The researchers attribute a 3.1% wage increase to the minimum wage law. This indicates a difference in wage growth between the treatment and the control group. Whether or not the wage difference is actually due to the minimum wage is uncertain. Nevertheless, it is this 3.1% difference in wage growth that I was alluding to with my example using differential 6% and 3% growth rates. If you have another explanation for the 3.1% wage increase attributed to the minimum wage law by the researchers, I would be interested to hear about it.
Sorry, not sure if this is going to directly reply to your reply post…
I see, that example makes sense now. I do see what you are saying.
This 3.1% is the growth in wages under $19/hr… but you’d suspect that the this causal wage growth would be mostly due to changes in wages near the $11-14 or so mark. If they had split it up (for arguments sake) into <$14/hr and then $14-19/hr we would expect that growth estimate to be zero right? And if it is in theory zero (putting aside the criticism of how there are causal effects in the over $19/hr group), then we wouldn't expect any issues with bracket creep? (Or at least the same level of bracket creep as the control??)
Just trying to get my understanding right – this is a pretty big issue if it's real!!

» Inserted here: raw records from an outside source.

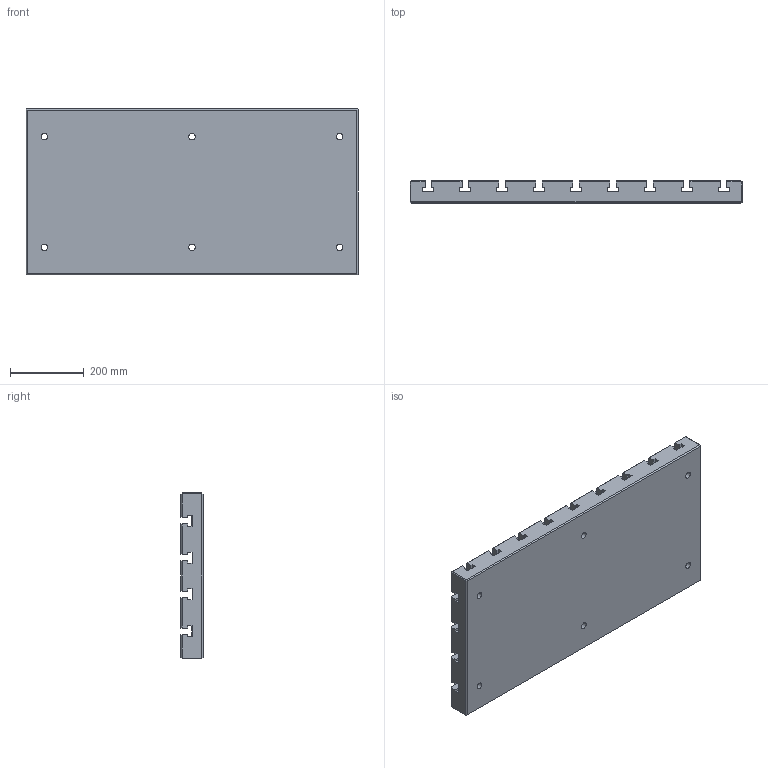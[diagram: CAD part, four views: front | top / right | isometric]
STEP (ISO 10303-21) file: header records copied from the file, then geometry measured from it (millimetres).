
FILE_DESCRIPTION((''),'2;1');
FILE_NAME('FG_WH_BASPL_RCT18NP004','2026-05-17T11:45:15',('Admin'),(''),'CREO PARAMETRIC BY PTC INC, 2025010','CREO PARAMETRIC BY PTC INC, 2025010','');
FILE_SCHEMA(('CONFIG_CONTROL_DESIGN'));
Length unit declared in the file: millimetre
Products named in the file (1): FG_WH_BASPL_RCT18NP004
Bounding box: 900 x 60 x 450 mm (x, y, z)
Volume: 19577009.1 mm3; surface area: 1456551.5 mm2
Topology: 1 solids, 1 shells, 546 faces, 1454 edges, 964 vertices
Faces by surface type: plane 498, cylinder 48
Entity records: 16748 total; most frequent: CARTESIAN_POINT 2964, ORIENTED_EDGE 2908, DIRECTION 2642, EDGE_CURVE 1454, VECTOR 1358, LINE 1358, VERTEX_POINT 964, AXIS2_PLACEMENT_3D 642
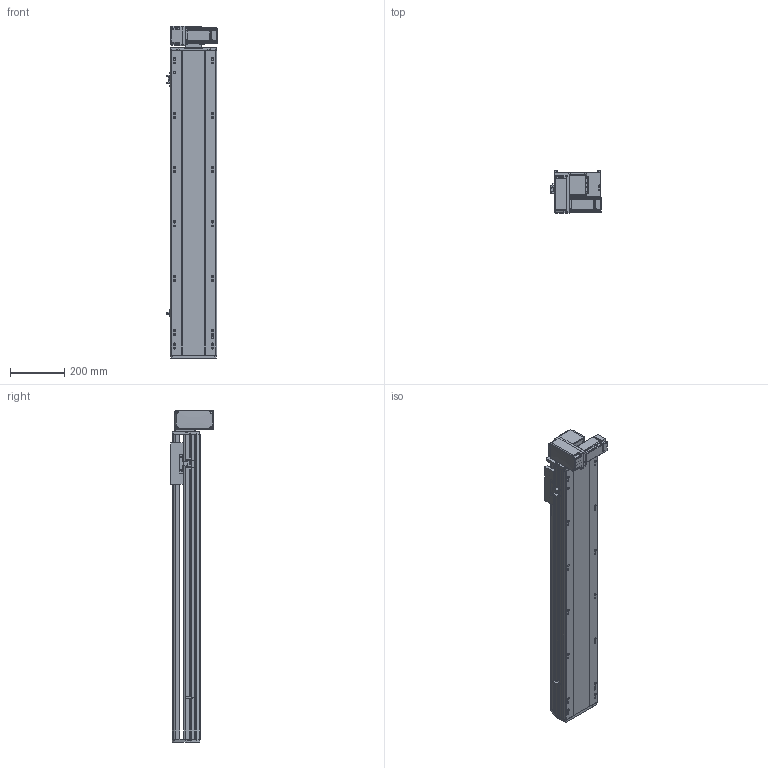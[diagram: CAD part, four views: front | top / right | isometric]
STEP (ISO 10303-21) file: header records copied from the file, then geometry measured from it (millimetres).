
FILE_DESCRIPTION (( 'STEP AP214' ), '1' );
FILE_NAME ('RTB17S-XX-850-LM-M40-C4.STEP', '2025-12-11T06:25:22', ( '' ), ( '' ), 'SwSTEP 2.0', 'SolidWorks 2018', '' );
FILE_SCHEMA (( 'AUTOMOTIVE_DESIGN' ));
Length unit declared in the file: millimetre
Products named in the file (14): RTB14-L-008-M20--萇儂啣^RTB17S-LM-々湍釱蚾饜-400W_RTB17S-XX-XX-LM-M40-C4; RTB17S-XX-850-LM-M40-C4; RTB14-L-017P^RTB17S-LM-々湍釱蚾饜-400W_RTB17S-XX-XX-LM-M40-C4; OMRON EE-SX672 传感器^RTB17S-XX-XX-LM-M40-C4; RTB17-R-011菁釱^RTB17S-XX-XX-LM-M40-C4; 400W侜督萇儂^RTB17S-XX-XX-LM-M40-C4; RTB17S-L-007奻裔^RTB17S-XX-XX-LM-M40-C4; RTB14-L-018P^RTB17S-LM-々湍釱蚾饜-400W_RTB17S-XX-XX-LM-M40-C4; RTB17S-LM-々湍釱蚾饜-400W^RTB17S-XX-XX-LM-M40-C4; RTB14-L-005P--轴承塑胶压盖^RTB17S-LM-皮带座装配-400W_RTB17S-XX-XX-LM-M40-C4; RTB17S-L-001耜醱啣^RTB17S-XX-XX-LM-M40-C4; RMP17S-L-014-T20--々湍釱^RTB17S-LM-々湍釱蚾饜-400W_RTB17S-XX-XX-LM-M40-C4; RTH13-BL-012覜茼え俋离^RTB17S-XX-XX-LM-M40-C4; RTB17S-L-004佪裝蹟譫蟀諉釱^RTB17S-XX-XX-LM-M40-C4
Assembly tree (16 placements, depth 3):
  RTB17S-XX-850-LM-M40-C4
    RTB17-R-011菁釱^RTB17S-XX-XX-LM-M40-C4
    RTB17S-L-007奻裔^RTB17S-XX-XX-LM-M40-C4
    OMRON EE-SX672 传感器^RTB17S-XX-XX-LM-M40-C4  x3
    RTH13-BL-012覜茼え俋离^RTB17S-XX-XX-LM-M40-C4
    RTB17S-L-001耜醱啣^RTB17S-XX-XX-LM-M40-C4
    400W侜督萇儂^RTB17S-XX-XX-LM-M40-C4
    RTB17S-L-004佪裝蹟譫蟀諉釱^RTB17S-XX-XX-LM-M40-C4
    RTB17S-LM-々湍釱蚾饜-400W^RTB17S-XX-XX-LM-M40-C4
      RMP17S-L-014-T20--々湍釱^RTB17S-LM-々湍釱蚾饜-400W_RTB17S-XX-XX-LM-M40-C4
      RTB14-L-005P--轴承塑胶压盖^RTB17S-LM-皮带座装配-400W_RTB17S-XX-XX-LM-M40-C4
      RTB14-L-008-M20--萇儂啣^RTB17S-LM-々湍釱蚾饜-400W_RTB17S-XX-XX-LM-M40-C4
      RTB14-L-017P^RTB17S-LM-々湍釱蚾饜-400W_RTB17S-XX-XX-LM-M40-C4  x2
      RTB14-L-018P^RTB17S-LM-々湍釱蚾饜-400W_RTB17S-XX-XX-LM-M40-C4
Bounding box: 186 x 156.5 x 1222.5 mm (x, y, z)
Volume: 11145888.7 mm3; surface area: 1366469.8 mm2
Topology: 15 solids, 15 shells, 2205 faces, 6087 edges, 3969 vertices
Faces by surface type: plane 1068, cylinder 689, bspline 301, cone 139, torus 8
Entity records: 62633 total; most frequent: CARTESIAN_POINT 17492, ORIENTED_EDGE 9018, DIRECTION 8396, EDGE_CURVE 4509, VERTEX_POINT 2957, AXIS2_PLACEMENT_3D 2887, VECTOR 2622, LINE 2622
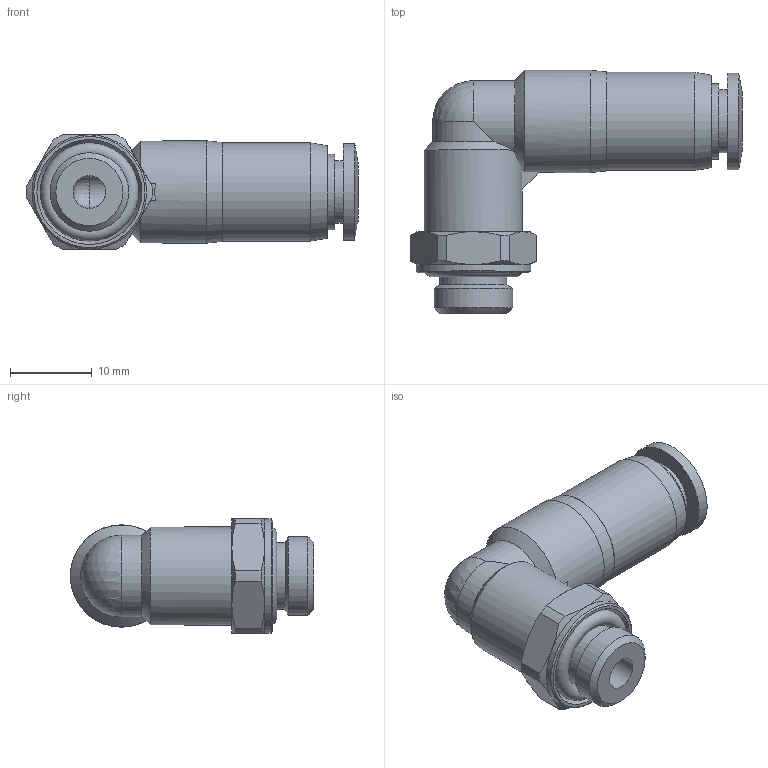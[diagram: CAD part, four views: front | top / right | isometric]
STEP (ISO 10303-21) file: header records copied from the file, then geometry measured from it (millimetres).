
FILE_DESCRIPTION((''),'2;1');
FILE_NAME('D:\INVENTOR\[New Inventor]\CDC Products 3D Ass''y\Stop Fittings\G\SPL-G\SPL06-G01.stp','2009-02-13T13:33:25',('Microsoft'),(''),'Autodesk Inventor 2008','Autodesk Inventor 2008','');
FILE_SCHEMA(('AUTOMOTIVE_DESIGN { 1 0 10303 214 1 1 1 1 }'));
Length unit declared in the file: millimetre
Products named in the file (1): SPL06-G01
Bounding box: 40.6 x 29.75 x 14 mm (x, y, z)
Volume: 4981.2 mm3; surface area: 3541.9 mm2
Topology: 2 solids, 2 shells, 67 faces, 152 edges, 90 vertices
Faces by surface type: cylinder 21, cone 21, plane 20, sphere 2, torus 2, bspline 1
Full cylindrical faces by diameter (mm): 4 x2, 6.3 x1, 7.7 x1, 8.2 x2, 9.2 x1, 9.6 x1, 11.8 x1, 12 x2, 12.5 x1, 14 x1
Entity records: 1748 total; most frequent: CARTESIAN_POINT 413, DIRECTION 288, ORIENTED_EDGE 236, AXIS2_PLACEMENT_3D 135, EDGE_CURVE 118, EDGE_LOOP 101, VERTEX_POINT 83, FACE_OUTER_BOUND 67
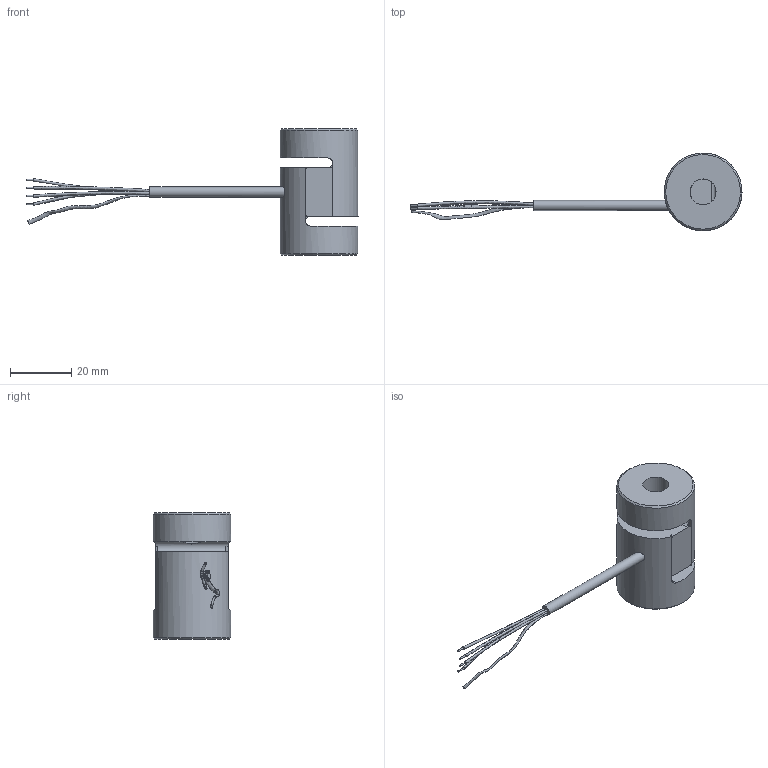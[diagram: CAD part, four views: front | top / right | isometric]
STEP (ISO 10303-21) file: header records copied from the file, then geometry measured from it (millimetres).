
FILE_DESCRIPTION (( 'STEP AP203' ), '1' );
FILE_NAME ('83560.STEP', '2022-08-05T13:25:54', ( '' ), ( '' ), 'SwSTEP 2.0', 'SolidWorks 2021', '' );
FILE_SCHEMA (( 'CONFIG_CONTROL_DESIGN' ));
Length unit declared in the file: inch
Products named in the file (1): 83560
Bounding box: 108.46 x 25.38 x 41.27 mm (x, y, z)
Volume: 17842.9 mm3; surface area: 7068.2 mm2
Topology: 1 solids, 3 shells, 77 faces, 192 edges, 128 vertices
Faces by surface type: plane 42, cylinder 27, bspline 5, cone 3
Full cylindrical faces by diameter (mm): 0.508 x4, 3.302 x1, 8.433 x2, 25.4 x2
Entity records: 2709 total; most frequent: CARTESIAN_POINT 894, DIRECTION 360, ORIENTED_EDGE 336, EDGE_CURVE 168, AXIS2_PLACEMENT_3D 135, VERTEX_POINT 120, EDGE_LOOP 104, FACE_OUTER_BOUND 91
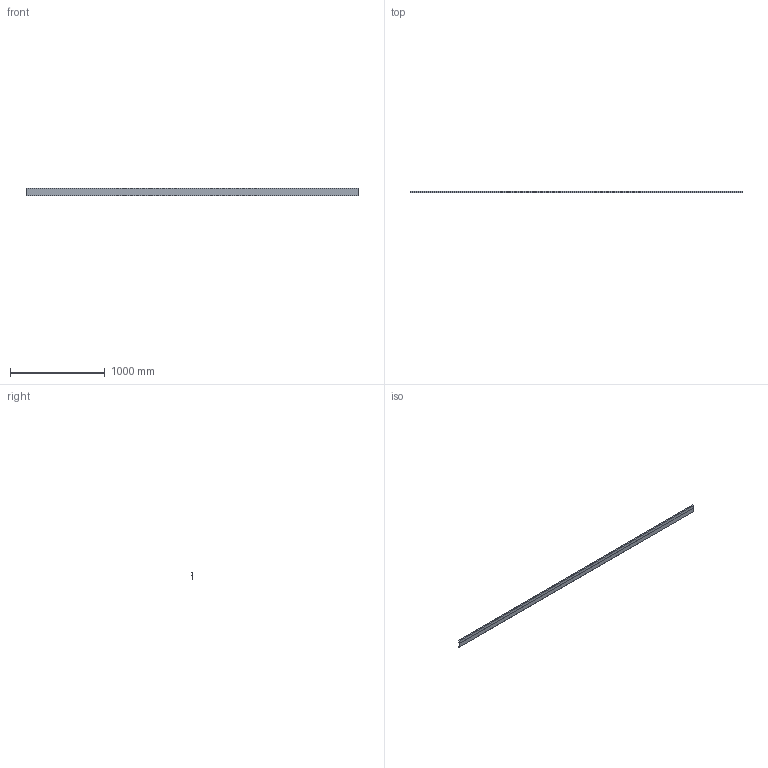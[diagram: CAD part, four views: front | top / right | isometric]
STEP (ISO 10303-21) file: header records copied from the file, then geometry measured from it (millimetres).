
FILE_DESCRIPTION(('STEP AP242'),'1');
FILE_NAME('OPO_65.082.17_volu_3d.stp','2026-01-30T20:53:23',(' '),(' '),'Spatial InterOp 3D',' ',' ');
FILE_SCHEMA(('AP242_MANAGED_MODEL_BASED_3D_ENGINEERING_MIM_LF {1 0 10303 442 1 1 4}'));
Length unit declared in the file: millimetre
Products named in the file (1): 1
Bounding box: 3500 x 15.5 x 79 mm (x, y, z)
Volume: 392000 mm3; surface area: 791224 mm2
Topology: 1 solids, 1 shells, 60 faces, 160 edges, 106 vertices
Faces by surface type: plane 40, cylinder 20
Entity records: 2364 total; most frequent: CARTESIAN_POINT 327, DIRECTION 322, ORIENTED_EDGE 320, EDGE_CURVE 160, LINE 120, VECTOR 120, VERTEX_POINT 106, AXIS2_PLACEMENT_3D 101
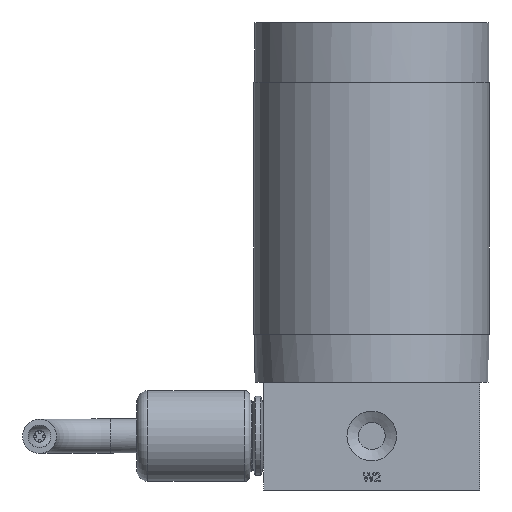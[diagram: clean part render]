
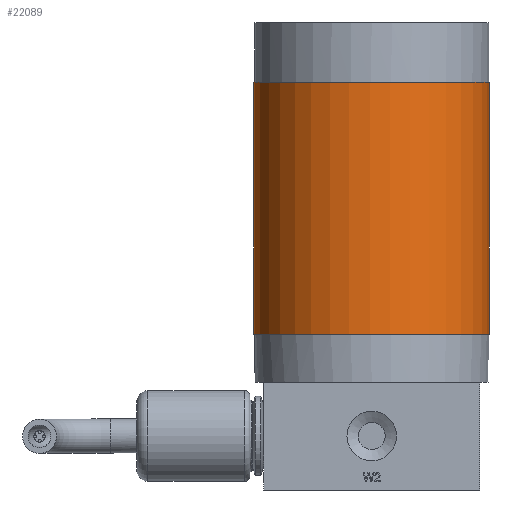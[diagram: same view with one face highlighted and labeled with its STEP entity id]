
A CAD part, left-side view. The second image highlights one B-rep face of the part: STEP entity #22089.
In plain terms, the highlighted cylindrical face has radius 20.765 mm (diameter 41.529 mm), a full revolution.
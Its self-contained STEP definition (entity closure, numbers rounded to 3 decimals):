
#635=CYLINDRICAL_SURFACE('',#23378,20.765);
#1969=CIRCLE('',#23371,20.765);
#1972=CIRCLE('',#23375,20.765);
#2364=FACE_OUTER_BOUND('',#3593,.T.);
#3593=EDGE_LOOP('',(#15095,#15096,#15097,#15098));
#6002=LINE('',#29402,#7758);
#7758=VECTOR('',#24710,20.765);
#9597=VERTEX_POINT('',#29388);
#9600=VERTEX_POINT('',#29395);
#11790=EDGE_CURVE('',#9597,#9597,#1969,.T.);
#11793=EDGE_CURVE('',#9600,#9600,#1972,.T.);
#11796=EDGE_CURVE('',#9600,#9597,#6002,.T.);
#15095=ORIENTED_EDGE('',*,*,#11793,.T.);
#15096=ORIENTED_EDGE('',*,*,#11796,.T.);
#15097=ORIENTED_EDGE('',*,*,#11790,.F.);
#15098=ORIENTED_EDGE('',*,*,#11796,.F.);
#22089=ADVANCED_FACE('',(#2364),#635,.T.);
#23371=AXIS2_PLACEMENT_3D('',#29389,#24694,#24695);
#23375=AXIS2_PLACEMENT_3D('',#29396,#24702,#24703);
#23378=AXIS2_PLACEMENT_3D('',#29401,#24708,#24709);
#24694=DIRECTION('center_axis',(0.,0.,-1.));
#24695=DIRECTION('ref_axis',(-1.,0.016,0.));
#24702=DIRECTION('center_axis',(0.,0.,-1.));
#24703=DIRECTION('ref_axis',(-1.,0.016,0.));
#24708=DIRECTION('center_axis',(0.,0.,1.));
#24709=DIRECTION('ref_axis',(-1.,0.016,0.));
#24710=DIRECTION('',(0.,0.,-1.));
#29388=CARTESIAN_POINT('',(20.762,-0.329,27.456));
#29389=CARTESIAN_POINT('Origin',(0.,0.,27.456));
#29395=CARTESIAN_POINT('',(20.762,-0.329,71.906));
#29396=CARTESIAN_POINT('Origin',(0.,0.,71.906));
#29401=CARTESIAN_POINT('Origin',(0.,0.,27.456));
#29402=CARTESIAN_POINT('',(20.762,-0.329,27.456));
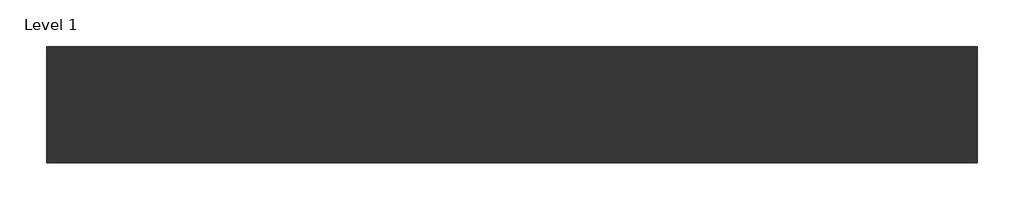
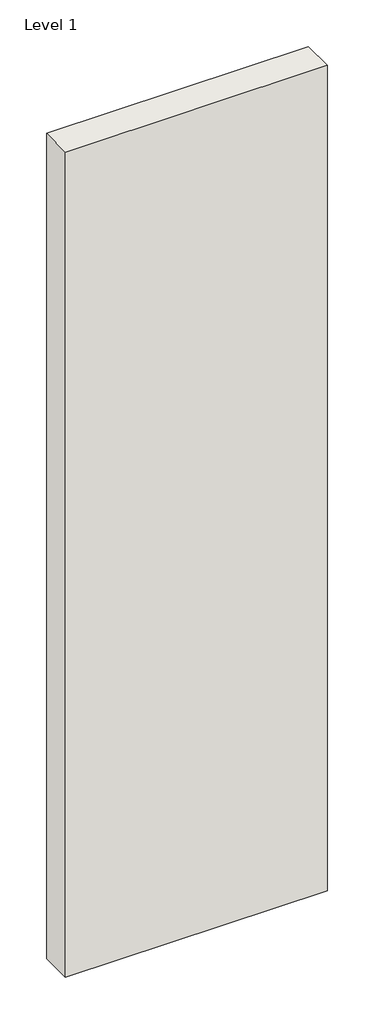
# One storey: 1 wall.
"""IFC4 building model written with IfcOpenShell, lengths in millimetres."""

from ifc_helpers import new_model, si_unit, origin, origin_with_axes, place, context, project, spatial, polyline, outline, extrude, element, save

model = new_model("IFC4")

# Units and contexts
model_context = context("Model", 3, world=origin())
ifc_project = project(units=[si_unit("LENGTHUNIT", "METRE", prefix="MILLI")], contexts=[model_context])

# Site, building, storey
site = spatial("IfcSite", under=ifc_project)
building = spatial("IfcBuilding", under=site)
storey = spatial("IfcBuildingStorey", under=building, Name="Level 1", Elevation=0.0)

# Wall
placement = place(None, origin())
element("IfcWall", 1, ObjectType="ARENA APTA 150mm", at=placement, inside=storey, context=model_context, shape_type="SweptSolid", body=[
    extrude(outline(polyline([(29202.1501797, -2019.4160036), (28002.1501797, -2019.4160036), (28002.1501797, -1869.4160036), (29202.1501797, -1869.4160036), (29202.1501797, -2019.4160036)])), origin_with_axes(), (0.0, 0.0, 1.0), 4000.0),
])

save(model, "model.ifc")

Yes, the 3.1% wage growth, relative to the control, is for the under $19 workers. Wage growth for the entire single-site workforce as a whole was even larger — 8% — so I don’t suspect the wage growth was necessarily concentrated in the under $14 group but there is no way of knowing from the report. The report does document employment increase/decrease, relative to control, at each $1 “wage bin” but it doesn’t break down wage growth further than under $19 and overall.
Yes, I think it is a pretty big issue if it is real. It is not unusual for researchers to get so caught up in the arcane methodological techniques that they overlook a rather basic accounting or arithmetic error. Double counting, for example, is rife in seemingly sophisticated mathematical analyses. This is one reason I am cynical about the supposed “rigor” that math provides. It’s often a penny-wise, pound foolish rigor that can be detected by simply eyeballing the raw figures. My alarm went off when I looked at the astonishing overall wage growth and employment growth for the single site employers. If those numbers are real, that kind of growth would tend to distort everything else in the data set. If they are not real, the discrepancy indicates a noise problem with the data set that cannot be “corrected for” with fancy statistical techniques.
Call me old fashioned but I believe the role of arcane statistical analysis should be limited to making sure that the prima facie case is not an illusion. I have no confidence that researchers can milk hidden truths from data that are murky to the naked eye.